### Task brief
Using the data below, find how many lines include the word "height" and report that figure alone.

### Stored data

=== Begin Enclosure ===

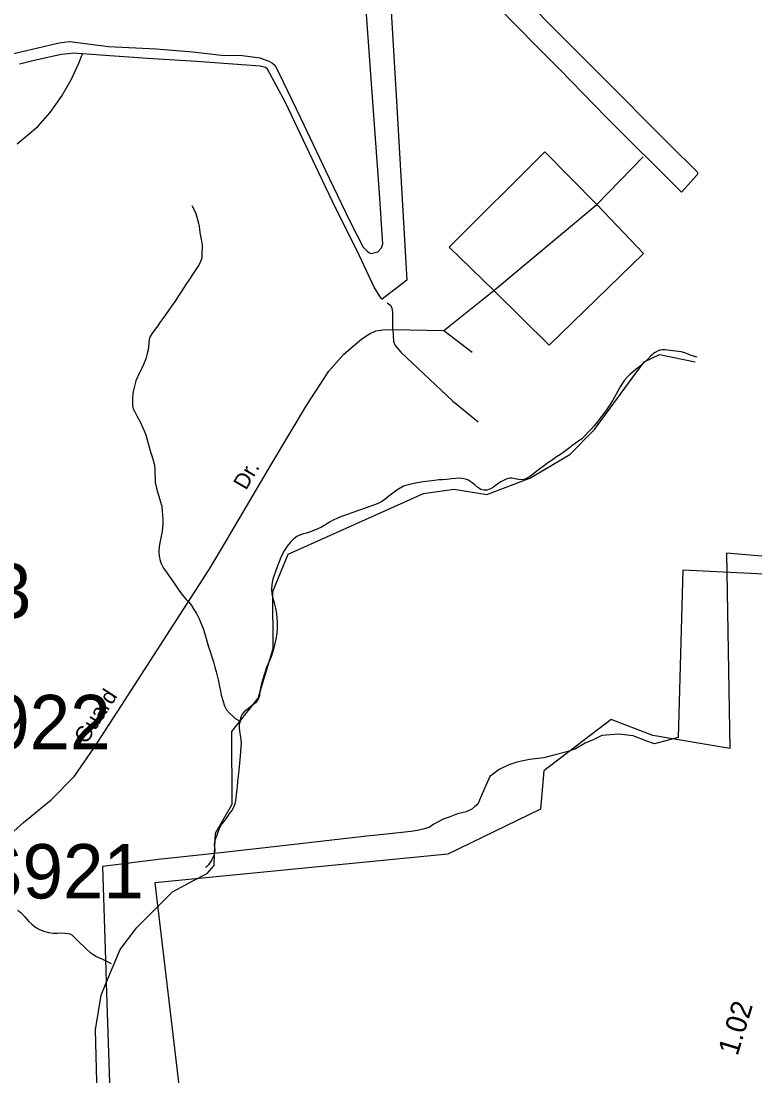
# Model space of a CAD drawing. Extents: x 2001466 to 2224147, y 644118 to 847247.
# Drawn here: x 2062885 to 2067310, y 765535 to 771899 of the extents above; entities that cross this region are included whole.
import ezdxf

# ---------------------------------------------------------------- set-up
doc = ezdxf.new("R2010")
doc.units = 0
for name, color, linetype in [('Exist Aviation Commercial or Municipal Perimeter Paved', 7, 'Continuous'), ('Exist Boundary Land Use Park State Division NC Parks and Recreation', 7, 'Continuous'), ('Exist Boundary Political City Limit New', 7, 'Continuous'), ('Exist Hydrographic Creek Single Shore', 7, 'Continuous'), ('Exist Hydrographic Misc Water Feature', 7, 'Continuous'), ('Exist Road Non-System Type 51', 7, 'Continuous'), ('Exist Road Non-System Type 51 Label', 7, 'Continuous'), ('Exist Road Primary Interstate Structure Ovrhead Sign Number Label', 7, 'Continuous'), ('Exist Road Secondary Mileage Hundredths English Label', 7, 'Continuous'), ('Map Preparation Boundary City Limit Buffer Line', 7, 'Continuous')]:
    doc.layers.add(name, color=color, linetype=linetype)

msp = doc.modelspace()

# ---------------------------------------------------------------- linework, layer by layer
at = {"layer": 'Exist Aviation Commercial or Municipal Perimeter Paved'}
for points in [[(2064996.2, 770496.1), (2065012.3, 770499.8), (2065036.5, 770507.3), (2065059, 770530.9), (2065065.5, 770554.7), (2065064, 770582.8), (2065045.7, 770861.1), (2064988.1, 771660.4), (2064938.3, 772357.4), (2064896.3, 772844.3), (2064586.7, 773160.6), (2064225.4, 773520.7), (2064146.8, 773608.5), (2064139.1, 773613.4), (2064132.9, 773616.4), (2064122.8, 773618.6), (2064102.9, 773617.8), (2064087.4, 773611.9), (2063986, 773525.1), (2063761.7, 773307.5), (2063375.6, 772909.4), (2062981.5, 772517.4), (2062611.9, 772147)], [(2065692.4, 772264), (2066362.6, 771588.3), (2066797.7, 771151.3), (2066962.4, 770990), (2066966.3, 770981.9), (2066960, 770970), (2066867.9, 770866.3), (2066413.1, 771319.2), (2066131.1, 771609), (2065991.9, 771749.8), (2065766.6, 771978.5)], [(2065110.3, 772061.9), (2065149.1, 771415.1), (2065211, 770335.7), (2065062.6, 770221.3), (2065050.9, 770235), (2065014.1, 770293.8), (2064908.7, 770515.9), (2064783.8, 770768.5), (2064680.2, 770982.6), (2064623.4, 771102.3)], [(2062710.2, 771672.9), (2063053.9, 771753.9), (2063114.2, 771766.7), (2063144.3, 771772.1), (2063178.4, 771775.4), (2063411.7, 771744.6), (2063699.5, 771730.7), (2063921.1, 771714.2), (2064092.7, 771692.7), (2064220.7, 771692.1), (2064324.4, 771677.9), (2064378, 771656.8), (2064401.7, 771644.4), (2064415.5, 771632.1), (2064438.6, 771587.6), (2064569, 771314.9), (2064743.6, 770951.3), (2064868.2, 770690.8), (2064947, 770535.2), (2064972.5, 770510.6), (2064982.4, 770502.4), (2064996.2, 770496.1)], [(2063255.1, 771701), (2063196.9, 771705), (2063170.8, 771701.5), (2063126.7, 771696.4), (2062956, 771659.9), (2062875.6, 771639.6)], [(2064623.4, 771102.3), (2064478.9, 771406.8), (2064371, 771609), (2064359.2, 771619.2), (2064327.4, 771627.9), (2063941.9, 771655.8), (2063646.3, 771673.8), (2063364.7, 771693.6), (2063255.1, 771701)]]:
    msp.add_lwpolyline(points, dxfattribs=at)
at = {"layer": 'Exist Boundary Land Use Park State Division NC Parks and Recreation'}
for points in [[(2067732.8, 768543.3), (2066875.3, 768585.7), (2066846.6, 767576.2), (2066703.9, 767539.1), (2066658.2, 767554.1), (2066576.8, 767585.7), (2066489, 767597.5), (2066386.8, 767587.6), (2066334.3, 767562.7), (2066285.9, 767541.7), (2066225.2, 767506.9), (2066176.8, 767489.9), (2066098.4, 767469.5), (2066038.1, 767454.7), (2065951.9, 767444.5), (2065873.6, 767428.1), (2065827.2, 767411.1), (2065768.7, 767384.2), (2065736.1, 767358.9), (2065711.8, 767341.4), (2065680.3, 767268), (2065659.3, 767222.5), (2065638.4, 767174.9), (2065622, 767159.2), (2065603.7, 767143.6), (2065569.4, 767128.3), (2065517.1, 767115.4), (2065466.8, 767096.4), (2065430.5, 767083.1), (2065373.9, 767054.3), (2065345.4, 767032.9), (2065307.3, 767023.7), (2065275.1, 767016.3), (2065235, 767009.1), (2065088.6, 766994.1), (2064970.4, 766980.5), (2064356.9, 766911.1), (2064051.9, 766877.5)], [(2064051.9, 766877.5), (2063713.4, 766840.2), (2063376.6, 766799.1), (2063395.8, 766172.7), (2063398.3, 766096.3)], [(2063398.3, 766096.3), (2063417.9, 765494.2), (2063416.5, 765228.2), (2063521.5, 765216.6)]]:
    msp.add_lwpolyline(points, dxfattribs=at)
at = {"layer": 'Exist Boundary Political City Limit New'}
msp.add_lwpolyline([(2068028.1, 768611.6), (2067139.1, 768688.9), (2067158.4, 767510.4), (2066694.6, 767587.6), (2066443.2, 767684.2), (2066037.5, 767375.1), (2066018.1, 767143.3), (2065457.6, 766872.8), (2063691.1, 766698.9), (2063884.4, 765072.2)], dxfattribs=at)
at = {"layer": 'Exist Hydrographic Creek Single Shore'}
msp.add_line((2063924.4, 766712.7), (2064006.9, 766756.6), dxfattribs=at)
for points in [[(2064051.9, 766877.5), (2064056.9, 766998.4), (2064157, 767173.5), (2064156, 767613.2), (2064313.9, 767813.4), (2064404.9, 768113.3), (2064403.9, 768457.9), (2064494.9, 768682.4), (2065311, 769049.5), (2065495, 769075.4), (2065693.9, 769041.7), (2065952.8, 769141.4), (2066194, 769284.1), (2066343.9, 769435.2), (2066642.8, 769842.6), (2066734.9, 769886.6), (2066951, 769842.8)], [(2064006.9, 766756.6), (2064048.9, 766804.9), (2064051.9, 766877.5)], [(2063576.7, 766422.1), (2063583.1, 766430.6), (2063799, 766646), (2063924.4, 766712.7)], [(2063398.3, 766096.3), (2063483, 766298.1), (2063576.7, 766422.1)], [(2063846.9, 761849.4), (2063758.9, 762023.1), (2063824.3, 762659.9), (2063922, 763106.7), (2063980, 763331.8), (2064021.1, 763672.2), (2063987, 763997.7), (2063971, 764047.3), (2063770.1, 764231.8), (2063745.1, 764363.6), (2063653, 764539.3), (2063494.1, 764778.8), (2063352, 765106.6), (2063333.9, 765812.3), (2063366.9, 766021.6), (2063398.3, 766096.3)]]:
    msp.add_lwpolyline(points, dxfattribs=at)
at = {"layer": 'Exist Hydrographic Misc Water Feature'}
for points in [[(2063915.2, 770786), (2063937.6, 770744), (2063945.2, 770716.1), (2063953.4, 770688.1), (2063959.7, 770660), (2063963.4, 770624.1), (2063971.6, 770583.9), (2063975.9, 770547.9), (2063975.9, 770528.1), (2063975.7, 770506.2), (2063973.9, 770470), (2063971.8, 770458.1), (2063962.2, 770438), (2063953.8, 770423.9), (2063922, 770376), (2063900.3, 770342), (2063874.4, 770303.7), (2063854.1, 770271.9), (2063830.4, 770235.8), (2063818.1, 770215.7), (2063792.4, 770179.8), (2063774.6, 770153.7), (2063756.5, 770127.6), (2063740.7, 770103.7), (2063722.3, 770079.7), (2063708.8, 770059.9), (2063692.6, 770039.6), (2063672.7, 770011.8), (2063662.8, 769995.4), (2063656.9, 769977.7), (2063653, 769933.7), (2063650.7, 769915.7), (2063645, 769893.5), (2063637, 769861.4), (2063622.8, 769827.4), (2063612.8, 769805.5), (2063599.3, 769777.5), (2063577.1, 769729.3), (2063563.4, 769671.4), (2063559.7, 769649.6), (2063557.6, 769621.5), (2063557.6, 769601.3), (2063557.6, 769579.3), (2063561.7, 769559.6), (2063567.9, 769545.3), (2063585.9, 769513.4), (2063604, 769481.5), (2063617.7, 769449.7), (2063627.6, 769427.5), (2063637.8, 769401.7), (2063646, 769371.6), (2063656.1, 769335.6), (2063666.3, 769299.6), (2063676.2, 769269.7), (2063682.1, 769249.7), (2063690.3, 769219.7), (2063691.9, 769193.9), (2063692.1, 769169.9), (2063692.6, 769143.9), (2063694.4, 769114), (2063700.6, 769081.8), (2063706.7, 769057.8), (2063716.3, 769031.9), (2063724.5, 769004), (2063732.7, 768971.9), (2063736.6, 768942), (2063738.9, 768893.8), (2063738.9, 768865.9), (2063735, 768821.8), (2063729.1, 768791.9), (2063725, 768771.8), (2063721.1, 768751.7), (2063717.2, 768728), (2063715.1, 768697.9), (2063717.4, 768670), (2063723.3, 768641.9), (2063731.3, 768622), (2063743.6, 768597.8), (2063765.4, 768568.1), (2063777.2, 768550.1), (2063793.4, 768528.2), (2063819.5, 768490.1), (2063839.6, 768460.3), (2063859.5, 768434.2), (2063881.4, 768408.1), (2063895.8, 768392.2), (2063911.6, 768372.3), (2063927.5, 768348.4), (2063941.9, 768324.4), (2063957.9, 768292.3), (2063967.9, 768268.5), (2063983.9, 768234.4), (2063993.8, 768202.5), (2064016.1, 768124.4), (2064024.3, 768094.4), (2064034.2, 768062.5), (2064044.6, 768032.5), (2064054.1, 768000.6), (2064062.3, 767972.6), (2064074.6, 767916.8)], [(2066962.7, 769871.5), (2066926.4, 769881.5), (2066908.2, 769889.5), (2066886.7, 769897.7), (2066864.7, 769903.5), (2066850.2, 769905.6), (2066832.7, 769907.5), (2066816.3, 769909.6), (2066800.5, 769911.6), (2066768.5, 769915.2), (2066750.7, 769915.5), (2066736.4, 769913.2), (2066722.4, 769907.2), (2066708.5, 769899.2), (2066698.6, 769893.4), (2066690.4, 769885.3), (2066680.6, 769877), (2066664.8, 769859.1), (2066646.3, 769843.2), (2066628.5, 769824.9), (2066608.4, 769809.2), (2066594.9, 769799.1), (2066580.9, 769787.1), (2066556.7, 769766.8), (2066540.9, 769750.9), (2066523.1, 769732.9), (2066510.8, 769714.9), (2066496.9, 769692.7), (2066472.9, 769648.8), (2066453, 769610.9), (2066431.2, 769576.9), (2066415.2, 769552.5), (2066399.2, 769530.6), (2066377.1, 769502.7), (2066361.1, 769480.4), (2066339.4, 769454.5), (2066323.2, 769436.7), (2066305.3, 769418.7), (2066287.5, 769398.7), (2066265.6, 769378.5), (2066239.5, 769360.5), (2066211.6, 769340.4), (2066191.5, 769324.4), (2066159.3, 769300.5), (2066137.6, 769284.3), (2066113.6, 769270.1), (2066081.6, 769246.1), (2066061.7, 769234.1), (2066042, 769218), (2066005.8, 769191.9), (2065987.7, 769178), (2065974.2, 769167.9), (2065958.2, 769156.1), (2065939.9, 769143.9), (2065927.8, 769138), (2065917.8, 769133.9), (2065901.8, 769131.8), (2065886, 769133.8), (2065871.9, 769136), (2065856.1, 769140), (2065844, 769141.8), (2065831.7, 769141.6), (2065819.8, 769139.8), (2065806, 769133.8), (2065778.3, 769119.7), (2065760.1, 769107.5), (2065746.2, 769097.8), (2065734.3, 769087.5), (2065716, 769077.6), (2065695.9, 769069.3), (2065676, 769069.5), (2065658, 769073.5), (2065639.9, 769085.5), (2065622.1, 769101.2), (2065605.9, 769113.4), (2065594, 769121.2), (2065582.1, 769129.1), (2065570.2, 769133.4), (2065555.9, 769137.2), (2065542.3, 769139.3), (2065525.9, 769141.3), (2065506, 769139.1), (2065482, 769137), (2065450.3, 769132.9), (2065426.1, 769130.9), (2065403.9, 769131), (2065378.3, 769126.8), (2065310.2, 769118.9), (2065274.3, 769112.5), (2065246, 769106.7), (2065218.4, 769100.7), (2065191.9, 769092.6), (2065170.4, 769080.4), (2065150.1, 769068.5), (2065126.3, 769050.6), (2065102.5, 769032.4), (2065080.4, 769014.2), (2065064.4, 769002.4), (2065054.3, 768996.2), (2065032.2, 768986.2)], [(2065032.2, 768986.2), (2064994.6, 768972), (2064954.4, 768958.2), (2064920.6, 768945.9), (2064886.4, 768934.1), (2064840.6, 768917.9), (2064816.9, 768909.7), (2064792.7, 768900), (2064766.8, 768887.7), (2064744.7, 768875.6), (2064726.6, 768863.8), (2064712.5, 768855.8), (2064696.9, 768845.6), (2064674.8, 768835.5), (2064650.6, 768825.4), (2064624.7, 768815.5), (2064606.7, 768809.7), (2064589, 768805.5), (2064569, 768799.6), (2064546.8, 768789.2), (2064528.8, 768775.3), (2064507.2, 768753.4), (2064489.2, 768731.4), (2064470.9, 768703.4), (2064453.3, 768669.1), (2064441.2, 768637.3), (2064431.4, 768611.2), (2064419.3, 768577.3), (2064409.4, 768549.2), (2064401.2, 768523.2), (2064397.3, 768497.1), (2064395.7, 768471.3), (2064397.3, 768441.1), (2064403.7, 768417.4), (2064411.7, 768389.4), (2064419.7, 768357.4), (2064425.8, 768323.2), (2064427.9, 768297.3), (2064429.7, 768265.4), (2064429.9, 768235.3), (2064427.9, 768203.2), (2064422.1, 768171.2), (2064414.1, 768133.1), (2064408, 768109.3), (2064392.2, 768063.3), (2064380.3, 768035.1), (2064364.1, 767999), (2064352.2, 767961.1), (2064344.6, 767935.1), (2064334.6, 767902.9), (2064324.3, 767855), (2064322.7, 767829.3), (2064316.7, 767811.1), (2064306.7, 767795.2), (2064298.7, 767785.1), (2064284.7, 767773), (2064268.8, 767761.2), (2064248.7, 767745.2), (2064230.6, 767730.9), (2064218.9, 767716.8), (2064210.7, 767701), (2064205.2, 767682.8), (2064205.2, 767675.1)], [(2064074.6, 767916.8), (2064080.7, 767884.6), (2064086.7, 767856.5), (2064090.8, 767832.8), (2064100.8, 767798.8), (2064110.9, 767766.9), (2064124.6, 767742.9), (2064140.8, 767723), (2064160.9, 767705), (2064176.7, 767690.8), (2064205.2, 767675.1)], [(2064205.2, 767675.1), (2064200.9, 767655.1), (2064199.2, 767637), (2064201.1, 767614.9), (2064205.2, 767591.1), (2064209.3, 767567), (2064211.3, 767541.1), (2064210.9, 767518.9), (2064205.4, 767464.9), (2064199.4, 767398.9), (2064195.3, 767358.9), (2064189.6, 767311.1), (2064187.6, 767279), (2064183.7, 767247.1), (2064180, 767214.8), (2064177.7, 767196.9), (2064175.9, 767185), (2064171.8, 767171), (2064165.6, 767155), (2064155.8, 767137), (2064142.2, 767119.1), (2064127.9, 767097), (2064118, 767083.1), (2064106.4, 767067), (2064094.3, 767053), (2064085.8, 767038.8), (2064077.9, 767021), (2064064.5, 766986.9), (2064058.4, 766972.8), (2064054.3, 766958.8), (2064050.4, 766944.8), (2064048.5, 766928.9), (2064050.4, 766914.8), (2064052.4, 766896.6), (2064052.2, 766882.9), (2064050.2, 766872.6), (2064046.3, 766864.7), (2064040.5, 766852.6), (2064034.4, 766839), (2064028.4, 766830.9), (2064020.4, 766818.8), (2064014.5, 766808.7), (2064010.4, 766804.9), (2064006.3, 766800.6), (2064002.6, 766796.7), (2063996.4, 766792.8)], [(2062865, 766534.7), (2062885.3, 766518.7), (2062905.4, 766496.5), (2062919.3, 766480.6), (2062931.4, 766466.6), (2062949.2, 766451), (2062963.4, 766438.7), (2062977.5, 766428.8), (2062995.4, 766418.8), (2063021.4, 766407.2), (2063049.5, 766399.2), (2063079.5, 766395.1), (2063105.3, 766395.2), (2063131.5, 766397.3), (2063165.8, 766393.4), (2063179.5, 766391.3), (2063191.2, 766385.4), (2063209.5, 766367.3), (2063225.5, 766351.5), (2063241.6, 766335.7), (2063261.5, 766317.6), (2063281.6, 766297.5), (2063299.7, 766281.4), (2063323.9, 766265.6), (2063339.7, 766255.5), (2063353.8, 766249.6), (2063384, 766235.8), (2063403.4, 766225.9), (2063427.8, 766213.7)]]:
    msp.add_lwpolyline(points, dxfattribs=at)
at = {"layer": 'Exist Road Non-System Type 51'}
for p, q in [((2066356.1, 770792.9), (2066635.6, 771080.4)), ((2065736.2, 770273), (2066356.1, 770792.9)), ((2065434.2, 770032), (2065736.2, 770273)), ((2065127.7, 770038.3), (2065434.2, 770032)), ((2065434.2, 770032), (2065605.5, 769900.9))]:
    msp.add_line(p, q, dxfattribs=at)
for points in [[(2062861.7, 771157.8), (2062985.9, 771263.3), (2063059.6, 771347.8), (2063129.6, 771444.3), (2063189.7, 771549.1), (2063233.7, 771644.2), (2063255.1, 771701)], [(2066356.1, 770792.9), (2066042.8, 771110), (2065465.8, 770535.1), (2065736.2, 770273)], [(2065736.2, 770273), (2066069.8, 769943.2), (2066637.8, 770497), (2066356.1, 770792.9)], [(2065127.7, 770038.3), (2065127.7, 770141.9), (2065123.2, 770167.3), (2065114.1, 770180), (2065091.6, 770196.9)], [(2061653.2, 766377.3), (2061989.6, 766540.1), (2062363.7, 766726.1), (2062602.6, 766848.7), (2062801, 766975.5), (2062900.2, 767064.3), (2063067, 767199.6), (2063206.7, 767343.3), (2063323.9, 767512.4), (2063490.7, 767770.3), (2064018.2, 768590.4), (2064117.3, 768755.3), (2064390.1, 769220.3), (2064606.4, 769579.6), (2064741.7, 769786.8), (2064831.8, 769888.3), (2064940, 769981.3), (2064986.8, 770011.9), (2065024, 770029.9), (2065065.7, 770036.2), (2065127.7, 770038.3)], [(2065127.7, 770038.3), (2065129.9, 769966.5), (2065140.1, 769941.1), (2065175, 769902), (2065487.2, 769608.2), (2065641.6, 769480.3)]]:
    msp.add_lwpolyline(points, dxfattribs=at)
at = {"layer": 'Map Preparation Boundary City Limit Buffer Line'}
msp.add_lwpolyline([(2068028.1, 768611.6), (2067139.1, 768688.9), (2067158.4, 767510.4), (2066694.6, 767587.6), (2066443.2, 767684.2), (2066037.5, 767375.1), (2066018.1, 767143.3), (2065457.6, 766872.8), (2063691.1, 766698.9), (2063884.4, 765072.2)], dxfattribs=at)

# ---------------------------------------------------------------- texts
at = {"layer": 'Exist Road Non-System Type 51 Label'}
for s, rotation, p in [('Dr.', 59.60883, (2064241.4, 769064.1)), ('Guard', 57.10536, (2063277.6, 767531.5))]:
    msp.add_text(s, height=95, rotation=rotation, dxfattribs=at).set_placement(p)
at = {"layer": 'Exist Road Primary Interstate Structure Ovrhead Sign Number Label'}
for s, p in [('S923', (2061921.8, 768297)), ('S922', (2062400.1, 767505.3)), ('S921', (2062601.1, 766605.2))]:
    msp.add_text(s, height=328.08, dxfattribs=at).set_placement(p)
at = {"layer": 'Exist Road Secondary Mileage Hundredths English Label'}
msp.add_text('1.02', height=125, rotation=73.14791, dxfattribs=at).set_placement((2067205.1, 765651.1))

doc.saveas('drawing.dxf')

=== End Enclosure ===

### Result of this task
3